# Pinarello KOBH



## southparkcycles (Feb 7, 2008)

I am really surprised the KOBH is not more popular. Probably a better geometry for most than the Dogma, equally as sexy and currently $1000 less. Here is a pic of one we built up recently.


----------



## Cinelli 82220 (Dec 2, 2010)

southparkcycles said:


> $1000 less


Really? It's priced the same as the Dogma most places.
I have thought about getting one for the fat tire clearance. 
Here is a nice review:
http://www.abovecategorynews.com/2011/01/pinarell-kobh-1200-miles-on.html


----------



## southparkcycles (Feb 7, 2008)

The KOBH went on sale in the US thru the importer about a month ago and is reflected on their site at gitabike.com. I believe this reduction is for the entire season.


----------



## kbwh (May 28, 2010)

I like the KOBH, and would chose it rather than a Dogma for it's versatility. I'ts a pity that it cannot be personalized with yellow to match our club kit's yellow w/black and white. Maybe next year.


----------



## rhauft (Aug 8, 2006)

*Bellisimo!*

Definitely have one in my future...


----------



## enzo269 (May 25, 2009)

The price was probably reduced because of lack of popularity and the fact that Team Sky is no longer choosing to ride the bike for spring classics.. The first cobbled races of this season like Omloop they used the Dogma.
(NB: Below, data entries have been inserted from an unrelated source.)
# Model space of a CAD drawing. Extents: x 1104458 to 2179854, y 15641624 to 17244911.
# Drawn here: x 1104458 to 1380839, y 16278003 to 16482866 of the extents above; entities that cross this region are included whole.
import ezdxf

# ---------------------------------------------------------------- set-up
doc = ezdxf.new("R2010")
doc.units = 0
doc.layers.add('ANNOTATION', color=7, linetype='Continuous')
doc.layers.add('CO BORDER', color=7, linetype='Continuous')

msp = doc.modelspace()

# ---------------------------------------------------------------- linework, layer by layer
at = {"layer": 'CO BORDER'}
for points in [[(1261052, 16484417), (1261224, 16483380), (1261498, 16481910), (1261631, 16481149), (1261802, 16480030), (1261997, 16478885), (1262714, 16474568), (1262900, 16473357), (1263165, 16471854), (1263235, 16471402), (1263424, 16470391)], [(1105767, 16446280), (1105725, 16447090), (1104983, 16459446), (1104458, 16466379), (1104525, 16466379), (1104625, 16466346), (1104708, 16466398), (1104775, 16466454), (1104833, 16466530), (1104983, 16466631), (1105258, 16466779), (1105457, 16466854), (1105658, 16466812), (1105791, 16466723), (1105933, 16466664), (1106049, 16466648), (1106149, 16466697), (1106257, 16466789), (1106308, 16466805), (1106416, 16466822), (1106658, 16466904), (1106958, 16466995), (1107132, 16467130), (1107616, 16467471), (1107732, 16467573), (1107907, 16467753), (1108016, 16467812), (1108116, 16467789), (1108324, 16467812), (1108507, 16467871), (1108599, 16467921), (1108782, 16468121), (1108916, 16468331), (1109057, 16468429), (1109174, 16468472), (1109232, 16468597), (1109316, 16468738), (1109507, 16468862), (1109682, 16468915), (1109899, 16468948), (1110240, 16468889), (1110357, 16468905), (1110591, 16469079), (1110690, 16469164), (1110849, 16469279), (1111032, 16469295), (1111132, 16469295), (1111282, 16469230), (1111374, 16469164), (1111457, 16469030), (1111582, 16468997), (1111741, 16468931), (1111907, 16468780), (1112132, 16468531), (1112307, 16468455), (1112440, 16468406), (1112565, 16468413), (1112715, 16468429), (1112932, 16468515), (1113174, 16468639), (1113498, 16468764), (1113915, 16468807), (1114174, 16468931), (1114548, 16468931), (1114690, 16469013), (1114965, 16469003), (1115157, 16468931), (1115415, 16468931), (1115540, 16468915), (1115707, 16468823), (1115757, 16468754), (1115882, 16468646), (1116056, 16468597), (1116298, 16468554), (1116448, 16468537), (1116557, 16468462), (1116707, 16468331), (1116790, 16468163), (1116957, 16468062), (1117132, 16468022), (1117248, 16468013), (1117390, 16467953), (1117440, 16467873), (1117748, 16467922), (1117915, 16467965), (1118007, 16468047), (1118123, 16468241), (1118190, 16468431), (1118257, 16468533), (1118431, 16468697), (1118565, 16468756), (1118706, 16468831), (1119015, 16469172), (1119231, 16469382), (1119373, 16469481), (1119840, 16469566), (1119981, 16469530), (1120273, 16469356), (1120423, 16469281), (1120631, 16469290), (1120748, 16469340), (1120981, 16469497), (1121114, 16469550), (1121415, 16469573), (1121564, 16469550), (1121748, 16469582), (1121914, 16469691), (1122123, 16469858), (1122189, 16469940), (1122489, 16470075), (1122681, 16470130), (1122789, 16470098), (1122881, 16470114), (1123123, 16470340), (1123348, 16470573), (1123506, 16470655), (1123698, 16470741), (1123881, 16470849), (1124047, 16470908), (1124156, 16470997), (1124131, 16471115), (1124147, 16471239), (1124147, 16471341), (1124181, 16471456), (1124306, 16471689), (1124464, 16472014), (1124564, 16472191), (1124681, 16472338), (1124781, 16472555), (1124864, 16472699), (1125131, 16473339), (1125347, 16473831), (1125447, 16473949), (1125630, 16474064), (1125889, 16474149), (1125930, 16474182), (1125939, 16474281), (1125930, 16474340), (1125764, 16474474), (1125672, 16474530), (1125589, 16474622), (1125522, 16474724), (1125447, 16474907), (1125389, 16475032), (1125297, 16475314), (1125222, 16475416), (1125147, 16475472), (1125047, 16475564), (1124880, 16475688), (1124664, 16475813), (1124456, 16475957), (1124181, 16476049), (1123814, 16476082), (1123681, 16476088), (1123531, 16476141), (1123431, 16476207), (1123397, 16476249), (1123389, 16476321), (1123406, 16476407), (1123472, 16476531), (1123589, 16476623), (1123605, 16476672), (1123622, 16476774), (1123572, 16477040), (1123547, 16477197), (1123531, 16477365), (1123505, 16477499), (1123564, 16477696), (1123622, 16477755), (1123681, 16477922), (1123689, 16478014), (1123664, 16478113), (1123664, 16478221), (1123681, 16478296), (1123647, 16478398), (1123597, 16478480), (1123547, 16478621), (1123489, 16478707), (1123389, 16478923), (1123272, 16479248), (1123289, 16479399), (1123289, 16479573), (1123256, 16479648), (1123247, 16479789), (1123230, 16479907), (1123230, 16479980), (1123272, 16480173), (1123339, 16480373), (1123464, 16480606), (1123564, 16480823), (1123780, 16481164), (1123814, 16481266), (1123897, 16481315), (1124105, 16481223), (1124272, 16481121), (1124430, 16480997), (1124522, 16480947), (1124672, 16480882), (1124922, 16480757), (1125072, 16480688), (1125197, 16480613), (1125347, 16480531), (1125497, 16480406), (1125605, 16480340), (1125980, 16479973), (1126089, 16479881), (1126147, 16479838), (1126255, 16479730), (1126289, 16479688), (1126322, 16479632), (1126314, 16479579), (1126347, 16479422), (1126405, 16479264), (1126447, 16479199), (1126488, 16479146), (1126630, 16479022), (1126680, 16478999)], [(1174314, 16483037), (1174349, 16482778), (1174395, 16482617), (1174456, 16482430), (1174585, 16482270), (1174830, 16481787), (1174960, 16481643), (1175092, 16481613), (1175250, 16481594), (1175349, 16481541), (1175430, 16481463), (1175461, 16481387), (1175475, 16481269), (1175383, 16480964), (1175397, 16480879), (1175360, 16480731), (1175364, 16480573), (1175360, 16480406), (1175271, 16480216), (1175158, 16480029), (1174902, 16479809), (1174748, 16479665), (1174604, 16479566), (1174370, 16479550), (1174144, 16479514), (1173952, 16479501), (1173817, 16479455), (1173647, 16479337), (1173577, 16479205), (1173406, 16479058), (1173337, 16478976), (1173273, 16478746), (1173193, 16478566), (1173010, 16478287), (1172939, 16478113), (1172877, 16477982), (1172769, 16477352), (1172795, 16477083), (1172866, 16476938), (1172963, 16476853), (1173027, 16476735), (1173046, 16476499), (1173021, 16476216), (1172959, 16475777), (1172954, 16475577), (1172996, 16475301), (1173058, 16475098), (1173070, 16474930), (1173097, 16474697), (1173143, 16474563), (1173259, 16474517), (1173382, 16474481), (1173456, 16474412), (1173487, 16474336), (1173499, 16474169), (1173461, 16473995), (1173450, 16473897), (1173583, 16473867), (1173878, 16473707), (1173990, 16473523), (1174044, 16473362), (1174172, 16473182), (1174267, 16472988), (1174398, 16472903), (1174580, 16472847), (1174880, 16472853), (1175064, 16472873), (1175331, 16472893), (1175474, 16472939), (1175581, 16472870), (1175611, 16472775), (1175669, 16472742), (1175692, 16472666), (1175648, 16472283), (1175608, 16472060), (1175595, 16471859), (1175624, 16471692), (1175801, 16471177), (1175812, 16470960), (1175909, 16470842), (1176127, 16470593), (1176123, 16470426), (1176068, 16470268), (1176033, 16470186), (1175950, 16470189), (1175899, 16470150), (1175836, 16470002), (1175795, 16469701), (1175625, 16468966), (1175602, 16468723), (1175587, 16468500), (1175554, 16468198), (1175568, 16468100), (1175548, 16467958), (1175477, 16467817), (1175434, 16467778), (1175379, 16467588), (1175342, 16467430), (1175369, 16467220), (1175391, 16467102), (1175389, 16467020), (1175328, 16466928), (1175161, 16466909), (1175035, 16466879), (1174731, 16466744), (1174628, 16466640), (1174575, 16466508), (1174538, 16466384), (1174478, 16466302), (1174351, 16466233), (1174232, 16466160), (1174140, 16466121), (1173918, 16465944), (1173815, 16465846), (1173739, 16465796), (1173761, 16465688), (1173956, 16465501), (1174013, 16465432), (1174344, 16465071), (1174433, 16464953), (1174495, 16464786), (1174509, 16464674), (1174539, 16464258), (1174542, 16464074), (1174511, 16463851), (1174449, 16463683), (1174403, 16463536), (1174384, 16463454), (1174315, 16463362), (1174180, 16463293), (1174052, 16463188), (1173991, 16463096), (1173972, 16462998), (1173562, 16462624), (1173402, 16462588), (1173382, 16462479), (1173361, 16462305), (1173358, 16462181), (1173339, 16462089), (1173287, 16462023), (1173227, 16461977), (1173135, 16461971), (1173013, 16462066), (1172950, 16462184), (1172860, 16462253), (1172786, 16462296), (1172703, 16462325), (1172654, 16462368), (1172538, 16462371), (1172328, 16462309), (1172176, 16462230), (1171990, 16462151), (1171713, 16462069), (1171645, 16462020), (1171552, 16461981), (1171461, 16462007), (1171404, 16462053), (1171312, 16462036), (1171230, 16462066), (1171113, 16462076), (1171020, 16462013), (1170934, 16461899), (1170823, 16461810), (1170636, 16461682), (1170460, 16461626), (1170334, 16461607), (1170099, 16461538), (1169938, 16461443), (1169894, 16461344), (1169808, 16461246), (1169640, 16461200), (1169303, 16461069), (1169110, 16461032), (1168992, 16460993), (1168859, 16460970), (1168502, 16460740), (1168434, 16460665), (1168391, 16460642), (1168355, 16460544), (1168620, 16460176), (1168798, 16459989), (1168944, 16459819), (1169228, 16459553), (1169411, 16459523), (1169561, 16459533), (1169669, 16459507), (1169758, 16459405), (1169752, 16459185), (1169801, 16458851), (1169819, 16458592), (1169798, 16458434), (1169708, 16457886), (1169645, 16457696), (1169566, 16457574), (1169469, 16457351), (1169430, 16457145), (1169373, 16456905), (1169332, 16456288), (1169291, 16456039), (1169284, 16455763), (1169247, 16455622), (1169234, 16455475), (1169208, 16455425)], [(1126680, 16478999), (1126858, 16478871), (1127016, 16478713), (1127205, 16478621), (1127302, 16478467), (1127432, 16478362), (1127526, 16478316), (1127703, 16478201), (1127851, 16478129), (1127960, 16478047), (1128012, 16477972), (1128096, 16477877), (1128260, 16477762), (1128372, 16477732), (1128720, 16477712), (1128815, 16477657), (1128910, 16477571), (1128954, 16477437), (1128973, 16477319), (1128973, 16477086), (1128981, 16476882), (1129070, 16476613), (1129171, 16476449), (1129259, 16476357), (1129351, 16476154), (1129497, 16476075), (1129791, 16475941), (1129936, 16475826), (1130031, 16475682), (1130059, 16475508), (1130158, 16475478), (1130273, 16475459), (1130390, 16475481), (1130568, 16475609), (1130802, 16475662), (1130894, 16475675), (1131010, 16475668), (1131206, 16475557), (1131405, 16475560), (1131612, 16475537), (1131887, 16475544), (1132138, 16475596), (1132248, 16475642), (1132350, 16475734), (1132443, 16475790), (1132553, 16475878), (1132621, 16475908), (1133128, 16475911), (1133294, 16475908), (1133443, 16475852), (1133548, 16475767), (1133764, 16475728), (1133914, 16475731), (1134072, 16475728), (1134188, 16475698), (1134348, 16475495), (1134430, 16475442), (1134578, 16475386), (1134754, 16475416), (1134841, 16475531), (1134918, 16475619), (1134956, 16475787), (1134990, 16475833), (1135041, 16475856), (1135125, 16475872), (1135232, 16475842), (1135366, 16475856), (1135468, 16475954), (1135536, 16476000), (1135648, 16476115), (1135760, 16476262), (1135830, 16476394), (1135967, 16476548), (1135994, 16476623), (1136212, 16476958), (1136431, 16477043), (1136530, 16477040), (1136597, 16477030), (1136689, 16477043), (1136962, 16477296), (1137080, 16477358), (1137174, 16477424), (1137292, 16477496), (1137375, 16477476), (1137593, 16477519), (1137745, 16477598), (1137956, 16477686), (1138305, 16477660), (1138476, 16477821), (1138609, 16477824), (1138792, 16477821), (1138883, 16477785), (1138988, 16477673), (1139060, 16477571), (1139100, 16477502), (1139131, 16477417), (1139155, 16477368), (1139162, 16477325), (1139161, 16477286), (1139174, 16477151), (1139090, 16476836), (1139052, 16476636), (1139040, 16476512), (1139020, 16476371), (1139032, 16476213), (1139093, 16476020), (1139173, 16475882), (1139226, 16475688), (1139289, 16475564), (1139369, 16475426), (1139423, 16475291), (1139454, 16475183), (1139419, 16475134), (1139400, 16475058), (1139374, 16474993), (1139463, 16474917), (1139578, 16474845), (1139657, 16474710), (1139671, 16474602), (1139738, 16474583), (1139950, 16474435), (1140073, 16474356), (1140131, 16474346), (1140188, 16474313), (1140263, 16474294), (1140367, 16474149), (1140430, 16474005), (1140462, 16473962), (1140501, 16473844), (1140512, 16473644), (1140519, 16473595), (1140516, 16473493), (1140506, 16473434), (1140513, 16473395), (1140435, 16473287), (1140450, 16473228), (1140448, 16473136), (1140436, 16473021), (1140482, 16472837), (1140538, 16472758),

This is just pure speculation on my part, but probably an additional reason fro price drop.


----------



## kbwh (May 28, 2010)

*Sky on KOBH in Paris-Roubaix*

http://www.cyclingnews.com/features...ur-of-flanders-at-the-team-sky-service-course


----------



## enzo269 (May 25, 2009)

Hmmm.. Ok.. I stand corrected.. However, I find it curious that the photo "Sky's Roubaix Bikes" in the article shows Doggies, and not Kobh's.. I guess we will all find out soon what each of their riders choose to ride for the classics..


----------



## kbwh (May 28, 2010)

Seems like the picture caption is off on at least one of those photos.

Here's my guess: Dogmas can fit 24mm tires which is fat enough for De Ronde, but to fit the 27mm that is necessary for a wet Roubaix the KOBH is needed. 
But if it's dry on the 10th we might see Sky riders on Dogmas anyway. At least a few years ago it was customary to run narrower tires (24mm) on dry days.


----------